[Excerpted records]

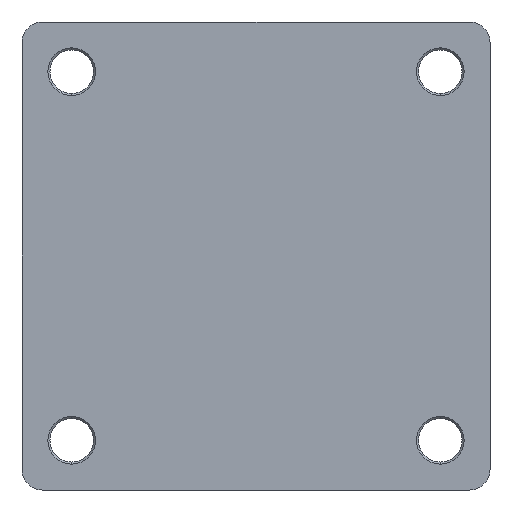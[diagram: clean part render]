
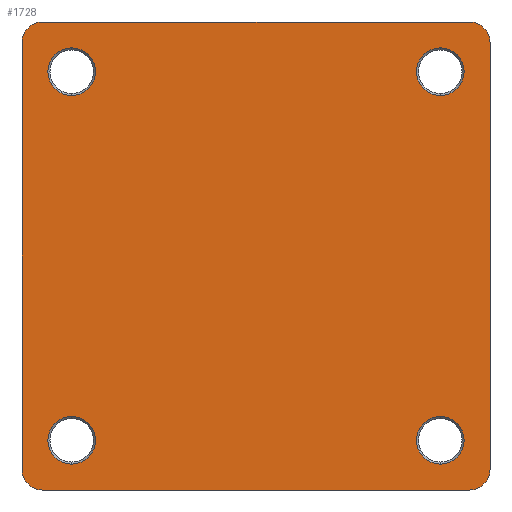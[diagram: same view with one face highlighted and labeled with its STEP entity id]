
A CAD part, left-side view. The second image highlights one B-rep face of the part: STEP entity #1728.
In plain terms, the highlighted planar face has unit normal (-1, 0, 0).
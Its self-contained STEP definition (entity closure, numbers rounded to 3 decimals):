
#6 = VERTEX_POINT ( 'NONE', #1357 ) ;
#8 = AXIS2_PLACEMENT_3D ( 'NONE', #1362, #356, #1792 ) ;
#25 = VERTEX_POINT ( 'NONE', #1785 ) ;
#31 = AXIS2_PLACEMENT_3D ( 'NONE', #1001, #145, #1145 ) ;
#39 = DIRECTION ( 'NONE',  ( 1., 0., 0. ) ) ;
#47 = AXIS2_PLACEMENT_3D ( 'NONE', #885, #39, #310 ) ;
#57 = ORIENTED_EDGE ( 'NONE', *, *, #132, .F. ) ;
#60 = CARTESIAN_POINT ( 'NONE',  ( -14., 51.5, -56.5 ) ) ;
#71 = CARTESIAN_POINT ( 'NONE',  ( -14., -56.5, 51.5 ) ) ;
#94 = CIRCLE ( 'NONE', #604, 5.75 ) ;
#132 = EDGE_CURVE ( 'NONE', #459, #25, #1080, .T. ) ;
#142 = AXIS2_PLACEMENT_3D ( 'NONE', #1222, #1076, #220 ) ;
#145 = DIRECTION ( 'NONE',  ( -1., 0., 0. ) ) ;
#149 = CARTESIAN_POINT ( 'NONE',  ( -14., 51.5, -51.5 ) ) ;
#155 = DIRECTION ( 'NONE',  ( -1., 0., 0. ) ) ;
#210 = CARTESIAN_POINT ( 'NONE',  ( -14., 44.5, -50.25 ) ) ;
#220 = DIRECTION ( 'NONE',  ( 0., 0., -1. ) ) ;
#222 = FACE_BOUND ( 'NONE', #1061, .T. ) ;
#237 = ORIENTED_EDGE ( 'NONE', *, *, #669, .F. ) ;
#241 = CIRCLE ( 'NONE', #31, 5.75 ) ;
#248 = CARTESIAN_POINT ( 'NONE',  ( -14., -56.5, 51.5 ) ) ;
#260 = EDGE_CURVE ( 'NONE', #805, #829, #1720, .T. ) ;
#263 = FACE_OUTER_BOUND ( 'NONE', #1395, .T. ) ;
#271 = ORIENTED_EDGE ( 'NONE', *, *, #359, .F. ) ;
#273 = AXIS2_PLACEMENT_3D ( 'NONE', #452, #1474, #594 ) ;
#277 = CIRCLE ( 'NONE', #8, 5.75 ) ;
#283 = FACE_BOUND ( 'NONE', #1622, .T. ) ;
#285 = EDGE_CURVE ( 'NONE', #1177, #6, #1005, .T. ) ;
#292 = CARTESIAN_POINT ( 'NONE',  ( -14., 44.5, 44.5 ) ) ;
#310 = DIRECTION ( 'NONE',  ( 0., 0., -1. ) ) ;
#322 = EDGE_CURVE ( 'NONE', #1369, #1162, #1693, .T. ) ;
#331 = DIRECTION ( 'NONE',  ( -1., 0., 0. ) ) ;
#356 = DIRECTION ( 'NONE',  ( -1., 0., 0. ) ) ;
#359 = EDGE_CURVE ( 'NONE', #1487, #1177, #440, .T. ) ;
#363 = DIRECTION ( 'NONE',  ( -1., 0., 0. ) ) ;
#380 = ORIENTED_EDGE ( 'NONE', *, *, #1563, .F. ) ;
#404 = CARTESIAN_POINT ( 'NONE',  ( -14., -44.5, -50.25 ) ) ;
#425 = DIRECTION ( 'NONE',  ( 0., 0., -1. ) ) ;
#440 = LINE ( 'NONE', #1039, #957 ) ;
#445 = CARTESIAN_POINT ( 'NONE',  ( -14., -51.5, -56.5 ) ) ;
#452 = CARTESIAN_POINT ( 'NONE',  ( -14., -44.5, -44.5 ) ) ;
#455 = DIRECTION ( 'NONE',  ( 0., 0., -1. ) ) ;
#458 = AXIS2_PLACEMENT_3D ( 'NONE', #719, #1453, #425 ) ;
#459 = VERTEX_POINT ( 'NONE', #210 ) ;
#462 = ORIENTED_EDGE ( 'NONE', *, *, #1202, .F. ) ;
#472 = LINE ( 'NONE', #1861, #1150 ) ;
#477 = PLANE ( 'NONE',  #142 ) ;
#504 = CARTESIAN_POINT ( 'NONE',  ( -14., -51.5, 56.5 ) ) ;
#528 = CARTESIAN_POINT ( 'NONE',  ( -14., 44.5, 50.25 ) ) ;
#536 = EDGE_CURVE ( 'NONE', #1551, #757, #277, .T. ) ;
#560 = DIRECTION ( 'NONE',  ( 0., -1., 0. ) ) ;
#589 = CARTESIAN_POINT ( 'NONE',  ( -14., -51.5, -51.5 ) ) ;
#593 = CARTESIAN_POINT ( 'NONE',  ( -14., 44.5, -44.5 ) ) ;
#594 = DIRECTION ( 'NONE',  ( 0., 0., 1. ) ) ;
#604 = AXIS2_PLACEMENT_3D ( 'NONE', #292, #155, #1462 ) ;
#624 = ORIENTED_EDGE ( 'NONE', *, *, #840, .F. ) ;
#635 = DIRECTION ( 'NONE',  ( -1., 0., 0. ) ) ;
#650 = CIRCLE ( 'NONE', #956, 5. ) ;
#669 = EDGE_CURVE ( 'NONE', #25, #459, #1308, .T. ) ;
#685 = VERTEX_POINT ( 'NONE', #71 ) ;
#701 = VERTEX_POINT ( 'NONE', #504 ) ;
#706 = CARTESIAN_POINT ( 'NONE',  ( -14., 56.5, -51.5 ) ) ;
#719 = CARTESIAN_POINT ( 'NONE',  ( -14., -51.5, 51.5 ) ) ;
#739 = DIRECTION ( 'NONE',  ( 0., 1., 0. ) ) ;
#752 = EDGE_CURVE ( 'NONE', #685, #1369, #1408, .T. ) ;
#757 = VERTEX_POINT ( 'NONE', #1848 ) ;
#783 = EDGE_CURVE ( 'NONE', #6, #701, #472, .T. ) ;
#805 = VERTEX_POINT ( 'NONE', #404 ) ;
#829 = VERTEX_POINT ( 'NONE', #992 ) ;
#840 = EDGE_CURVE ( 'NONE', #701, #685, #929, .T. ) ;
#841 = DIRECTION ( 'NONE',  ( 0., 0., -1. ) ) ;
#875 = CARTESIAN_POINT ( 'NONE',  ( -14., 56.5, 51.5 ) ) ;
#879 = ORIENTED_EDGE ( 'NONE', *, *, #783, .F. ) ;
#882 = DIRECTION ( 'NONE',  ( 0., 0., -1. ) ) ;
#885 = CARTESIAN_POINT ( 'NONE',  ( -14., 51.5, 51.5 ) ) ;
#915 = AXIS2_PLACEMENT_3D ( 'NONE', #589, #1043, #455 ) ;
#928 = DIRECTION ( 'NONE',  ( 0., 0., 1. ) ) ;
#929 = CIRCLE ( 'NONE', #458, 5. ) ;
#938 = AXIS2_PLACEMENT_3D ( 'NONE', #1253, #363, #1248 ) ;
#956 = AXIS2_PLACEMENT_3D ( 'NONE', #149, #1600, #882 ) ;
#957 = VECTOR ( 'NONE', #1636, 1000. ) ;
#982 = AXIS2_PLACEMENT_3D ( 'NONE', #593, #331, #1500 ) ;
#992 = CARTESIAN_POINT ( 'NONE',  ( -14., -44.5, -38.75 ) ) ;
#996 = CARTESIAN_POINT ( 'NONE',  ( -14., -44.5, 38.75 ) ) ;
#1001 = CARTESIAN_POINT ( 'NONE',  ( -14., -44.5, 44.5 ) ) ;
#1005 = CIRCLE ( 'NONE', #47, 5. ) ;
#1020 = CARTESIAN_POINT ( 'NONE',  ( -14., -44.5, -44.5 ) ) ;
#1026 = VERTEX_POINT ( 'NONE', #528 ) ;
#1039 = CARTESIAN_POINT ( 'NONE',  ( -14., 56.5, -51.5 ) ) ;
#1043 = DIRECTION ( 'NONE',  ( 1., 0., 0. ) ) ;
#1054 = CIRCLE ( 'NONE', #273, 5.75 ) ;
#1061 = EDGE_LOOP ( 'NONE', ( #1701, #1412 ) ) ;
#1076 = DIRECTION ( 'NONE',  ( 1., 0., 0. ) ) ;
#1080 = CIRCLE ( 'NONE', #982, 5.75 ) ;
#1083 = ORIENTED_EDGE ( 'NONE', *, *, #285, .F. ) ;
#1145 = DIRECTION ( 'NONE',  ( 0., 0., 1. ) ) ;
#1148 = VECTOR ( 'NONE', #739, 1000. ) ;
#1150 = VECTOR ( 'NONE', #560, 1000. ) ;
#1162 = VERTEX_POINT ( 'NONE', #1294 ) ;
#1164 = VERTEX_POINT ( 'NONE', #1311 ) ;
#1169 = DIRECTION ( 'NONE',  ( 0., 0., 1. ) ) ;
#1177 = VERTEX_POINT ( 'NONE', #875 ) ;
#1196 = LINE ( 'NONE', #445, #1148 ) ;
#1202 = EDGE_CURVE ( 'NONE', #1162, #1765, #1196, .T. ) ;
#1222 = CARTESIAN_POINT ( 'NONE',  ( -14., -51.5, 51.5 ) ) ;
#1223 = EDGE_CURVE ( 'NONE', #757, #1551, #241, .T. ) ;
#1248 = DIRECTION ( 'NONE',  ( 0., 0., 1. ) ) ;
#1253 = CARTESIAN_POINT ( 'NONE',  ( -14., 44.5, 44.5 ) ) ;
#1294 = CARTESIAN_POINT ( 'NONE',  ( -14., -51.5, -56.5 ) ) ;
#1308 = CIRCLE ( 'NONE', #1375, 5.75 ) ;
#1311 = CARTESIAN_POINT ( 'NONE',  ( -14., 44.5, 38.75 ) ) ;
#1326 = DIRECTION ( 'NONE',  ( -1., 0., 0. ) ) ;
#1357 = CARTESIAN_POINT ( 'NONE',  ( -14., 51.5, 56.5 ) ) ;
#1362 = CARTESIAN_POINT ( 'NONE',  ( -14., -44.5, 44.5 ) ) ;
#1369 = VERTEX_POINT ( 'NONE', #1713 ) ;
#1375 = AXIS2_PLACEMENT_3D ( 'NONE', #1513, #635, #928 ) ;
#1377 = CIRCLE ( 'NONE', #938, 5.75 ) ;
#1395 = EDGE_LOOP ( 'NONE', ( #624, #879, #1083, #271, #380, #462, #1399, #1766 ) ) ;
#1399 = ORIENTED_EDGE ( 'NONE', *, *, #322, .F. ) ;
#1400 = ORIENTED_EDGE ( 'NONE', *, *, #536, .F. ) ;
#1408 = LINE ( 'NONE', #248, #1700 ) ;
#1412 = ORIENTED_EDGE ( 'NONE', *, *, #260, .F. ) ;
#1429 = FACE_BOUND ( 'NONE', #1839, .T. ) ;
#1431 = EDGE_LOOP ( 'NONE', ( #1770, #1781 ) ) ;
#1453 = DIRECTION ( 'NONE',  ( 1., 0., 0. ) ) ;
#1462 = DIRECTION ( 'NONE',  ( 0., 0., 1. ) ) ;
#1474 = DIRECTION ( 'NONE',  ( -1., 0., 0. ) ) ;
#1487 = VERTEX_POINT ( 'NONE', #706 ) ;
#1500 = DIRECTION ( 'NONE',  ( 0., 0., 1. ) ) ;
#1513 = CARTESIAN_POINT ( 'NONE',  ( -14., 44.5, -44.5 ) ) ;
#1551 = VERTEX_POINT ( 'NONE', #996 ) ;
#1563 = EDGE_CURVE ( 'NONE', #1765, #1487, #650, .T. ) ;
#1590 = EDGE_CURVE ( 'NONE', #1164, #1026, #94, .T. ) ;
#1600 = DIRECTION ( 'NONE',  ( 1., 0., 0. ) ) ;
#1613 = ORIENTED_EDGE ( 'NONE', *, *, #1223, .F. ) ;
#1622 = EDGE_LOOP ( 'NONE', ( #1613, #1400 ) ) ;
#1636 = DIRECTION ( 'NONE',  ( 0., 0., 1. ) ) ;
#1693 = CIRCLE ( 'NONE', #915, 5. ) ;
#1700 = VECTOR ( 'NONE', #841, 1000. ) ;
#1701 = ORIENTED_EDGE ( 'NONE', *, *, #1705, .F. ) ;
#1705 = EDGE_CURVE ( 'NONE', #829, #805, #1054, .T. ) ;
#1713 = CARTESIAN_POINT ( 'NONE',  ( -14., -56.5, -51.5 ) ) ;
#1720 = CIRCLE ( 'NONE', #1822, 5.75 ) ;
#1728 = ADVANCED_FACE ( 'NONE', ( #1429, #1786, #222, #283, #263 ), #477, .F. ) ;
#1765 = VERTEX_POINT ( 'NONE', #60 ) ;
#1766 = ORIENTED_EDGE ( 'NONE', *, *, #752, .F. ) ;
#1770 = ORIENTED_EDGE ( 'NONE', *, *, #1851, .F. ) ;
#1781 = ORIENTED_EDGE ( 'NONE', *, *, #1590, .F. ) ;
#1785 = CARTESIAN_POINT ( 'NONE',  ( -14., 44.5, -38.75 ) ) ;
#1786 = FACE_BOUND ( 'NONE', #1431, .T. ) ;
#1792 = DIRECTION ( 'NONE',  ( 0., 0., 1. ) ) ;
#1822 = AXIS2_PLACEMENT_3D ( 'NONE', #1020, #1326, #1169 ) ;
#1839 = EDGE_LOOP ( 'NONE', ( #237, #57 ) ) ;
#1848 = CARTESIAN_POINT ( 'NONE',  ( -14., -44.5, 50.25 ) ) ;
#1851 = EDGE_CURVE ( 'NONE', #1026, #1164, #1377, .T. ) ;
#1861 = CARTESIAN_POINT ( 'NONE',  ( -14., 51.5, 56.5 ) ) ;

[/Excerpted records]

Your objective: The expected output is an exact copy of the lines from the top of the data above through the line containing "#263 = FACE_OUTER_BOUND", both included, with every picture omitted.

Answer space:
[diagram: clean part render]
[diagram: same view with one face highlighted and labeled with its STEP entity id]
A CAD part, left-side view. The second image highlights one B-rep face of the part: STEP entity #1728.
In plain terms, the highlighted planar face has unit normal (-1, 0, 0).
Its self-contained STEP definition (entity closure, numbers rounded to 3 decimals):
#6 = VERTEX_POINT ( 'NONE', #1357 ) ;
#8 = AXIS2_PLACEMENT_3D ( 'NONE', #1362, #356, #1792 ) ;
#25 = VERTEX_POINT ( 'NONE', #1785 ) ;
#31 = AXIS2_PLACEMENT_3D ( 'NONE', #1001, #145, #1145 ) ;
#39 = DIRECTION ( 'NONE',  ( 1., 0., 0. ) ) ;
#47 = AXIS2_PLACEMENT_3D ( 'NONE', #885, #39, #310 ) ;
#57 = ORIENTED_EDGE ( 'NONE', *, *, #132, .F. ) ;
#60 = CARTESIAN_POINT ( 'NONE',  ( -14., 51.5, -56.5 ) ) ;
#71 = CARTESIAN_POINT ( 'NONE',  ( -14., -56.5, 51.5 ) ) ;
#94 = CIRCLE ( 'NONE', #604, 5.75 ) ;
#132 = EDGE_CURVE ( 'NONE', #459, #25, #1080, .T. ) ;
#142 = AXIS2_PLACEMENT_3D ( 'NONE', #1222, #1076, #220 ) ;
#145 = DIRECTION ( 'NONE',  ( -1., 0., 0. ) ) ;
#149 = CARTESIAN_POINT ( 'NONE',  ( -14., 51.5, -51.5 ) ) ;
#155 = DIRECTION ( 'NONE',  ( -1., 0., 0. ) ) ;
#210 = CARTESIAN_POINT ( 'NONE',  ( -14., 44.5, -50.25 ) ) ;
#220 = DIRECTION ( 'NONE',  ( 0., 0., -1. ) ) ;
#222 = FACE_BOUND ( 'NONE', #1061, .T. ) ;
#237 = ORIENTED_EDGE ( 'NONE', *, *, #669, .F. ) ;
#241 = CIRCLE ( 'NONE', #31, 5.75 ) ;
#248 = CARTESIAN_POINT ( 'NONE',  ( -14., -56.5, 51.5 ) ) ;
#260 = EDGE_CURVE ( 'NONE', #805, #829, #1720, .T. ) ;
#263 = FACE_OUTER_BOUND ( 'NONE', #1395, .T. ) ;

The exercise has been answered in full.